Ok, when did you last have your haircut? In fact, my question should be “Have you ever had the misfortune to go to a XXXXXXXXX salon?”. Well, I have.
This chain of hairdressers can be found hidden away in tube stations or random shopping centres, usually in places like Bromley or anywhere in Essex. They charge a basic price, usually a tenner (bit of a clue there), and you do not need an appointment. You simply walk in and walk out a smiling, hair happy person. Um, not me.
Not that I am a XXXXXXXXX spotter, but the only people who ever seem to be in these salons are people who want an easy trim or a simple blow dry. And then people like me come along with their uncontrollable impulses. People like me who jump in right at the deep end. So on Monday night, I went to my underground Tescos and lo and behold, there was a XXXXXXXXX salon. Indeed, it was begging me to come and have a look. It was already quite late so I did not think they would be able to see me, perhaps I was testing them or testing myself to see how far I could go. Unfortunately they made me an appointment. I waited for half an hour. In this time I became more ambitious and thought, well I might as well go for a bob. XXXXXXXXX have to employ trained hairdressers I thought, trying to ignore the fact that one of them was a mullet head. I concentrated instead on the Paul Mitchell products by the till. My label antenna told me that with products like these then they had to be all right.
My turn soon came. I had been hoping I was going to get the pretty hairdresser with the nice sleek hair. Luckily the mullet stayed well away but instead I got something equally as frightening. My male hairdresser was Irish and drunk. I could smell the alcohol on his breath. He took me off to wash my hair and ended up washing my eyes with half the shampoo (Paul Mitchell). XXXXXXXXX don’t “do” towels, so I dripped back to my seat and sat down nervously. He picked up my hair in and in one clean sweep he began to chop. Fearing the attack of his scissors, I smiled meekly and told him I didn’t care what he did as long as it was even. He smiled a shark smile back at me and told me: “ We’ll see what we can do”.
He chopped along to Britney Spears and off it all went. Instead of the two inches I asked for, he took off four. And now I look like an elf, I look like I should be auditioning for a part in ‘Lord Of The Rings’. A mullet would probably have been better.
I am so displeased with my haircut that I considered having hair extensions. I even surfed the net to find out about them. Is that really vain? And can you believe that they cost £500 for a full head? £500!! I think the upshot of that little discovery would be that I shall remain elf-like for at least another couple of months…

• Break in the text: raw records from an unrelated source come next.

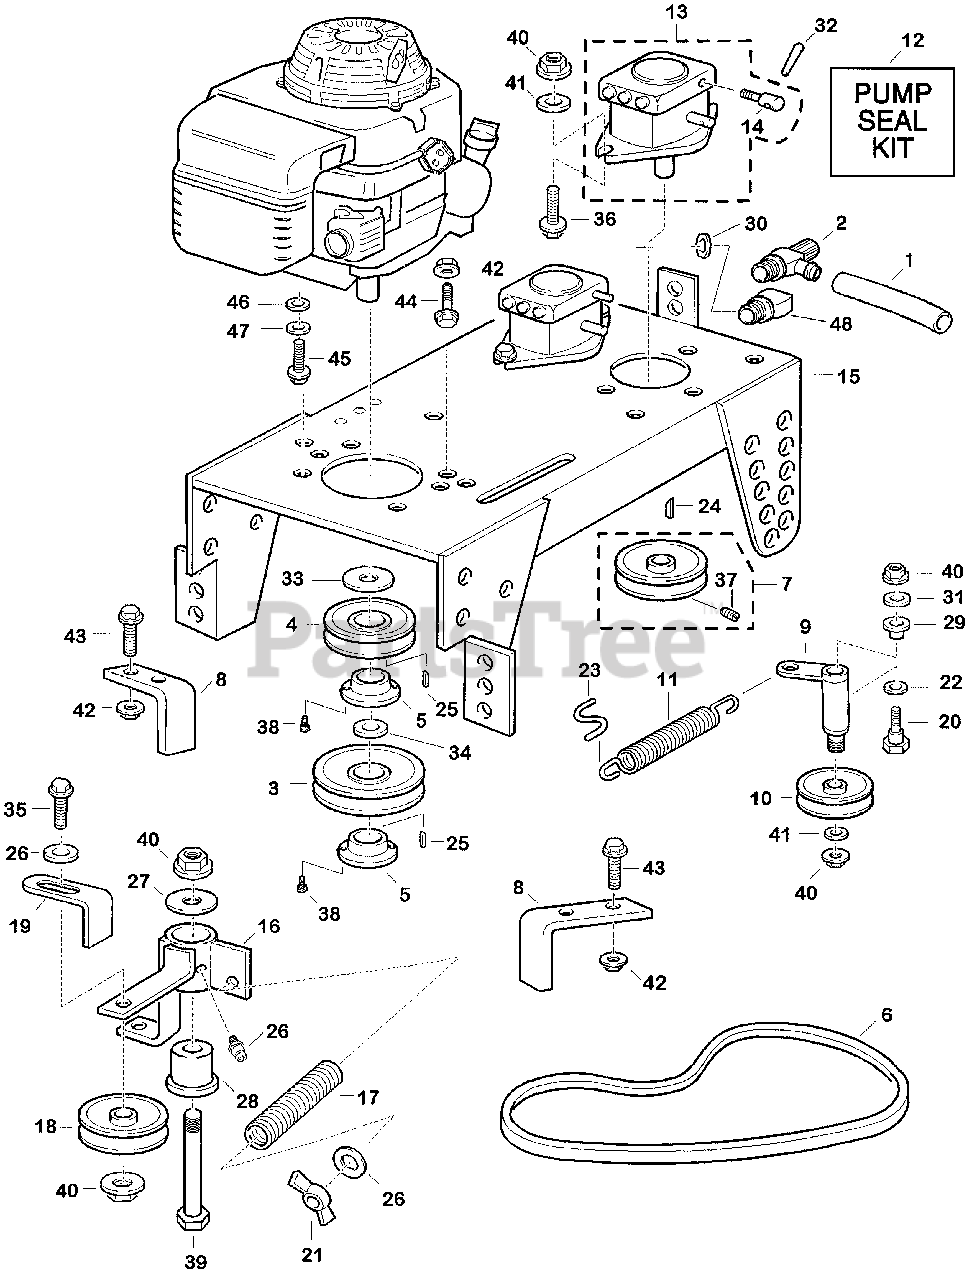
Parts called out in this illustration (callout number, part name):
1	TUBE, OIL DRAIN
2	VALVE, OIL SHUT-OFF
3	PULLEY, DRIVE
4	PULLEY, PUMP DRIVE
5	BUSHING, SPLIT (1")
6	V-BELT, ENGINE PUMP
8	BRACKET, BELT
9	BELLCRANK, IDLER
10	PULLEY, IDLER
11	SPRING, TENSIONER
12	SEAL KIT, PUMP
13	PUMP ASSY., HYDRAULIC
14	VALVE, PUMP BYPASS (KIT)
15	BED, ENGINE
16	ARM, TENSION
17	SPRING, TENSIONER ARM
18	PULLEY A, TENSION
19	GUIDE A, BELT
20	BOLT A, SHOULDER
21	WINGNUT (5/16"-18)
22	WASHER, BELLEVILLE (1/2")
23	CLIP, SPRING
24	KEY, SQUARE (5X5X28)
25	KEY, SQUARE (1/4"X1/4"X1")
26	NIPPLE, GREASE
27	BUSHING (1")
28	BUSHING, PIVOT
29	BUSHING, SNAP
30	WASHER, DRAIN PLUG (20MM)
31	WASHER (5/16")
32	PIN, TAPERED
33	SPACER (7/16")
34	SPACER (1/4")

Besides, having a haircut can sometimes be like splitting up with someone; you don’t realise how much you appreciated your long, luscious locks until they go. You grieve them for a little while, you don’t feel all that attractive and then suddenly the cloud disappears and you realise that in fact shorter hair is better. You have more freedom, more body, it’s in better condition and hey it doesn’t take as long to dry… even if you do look like an elf.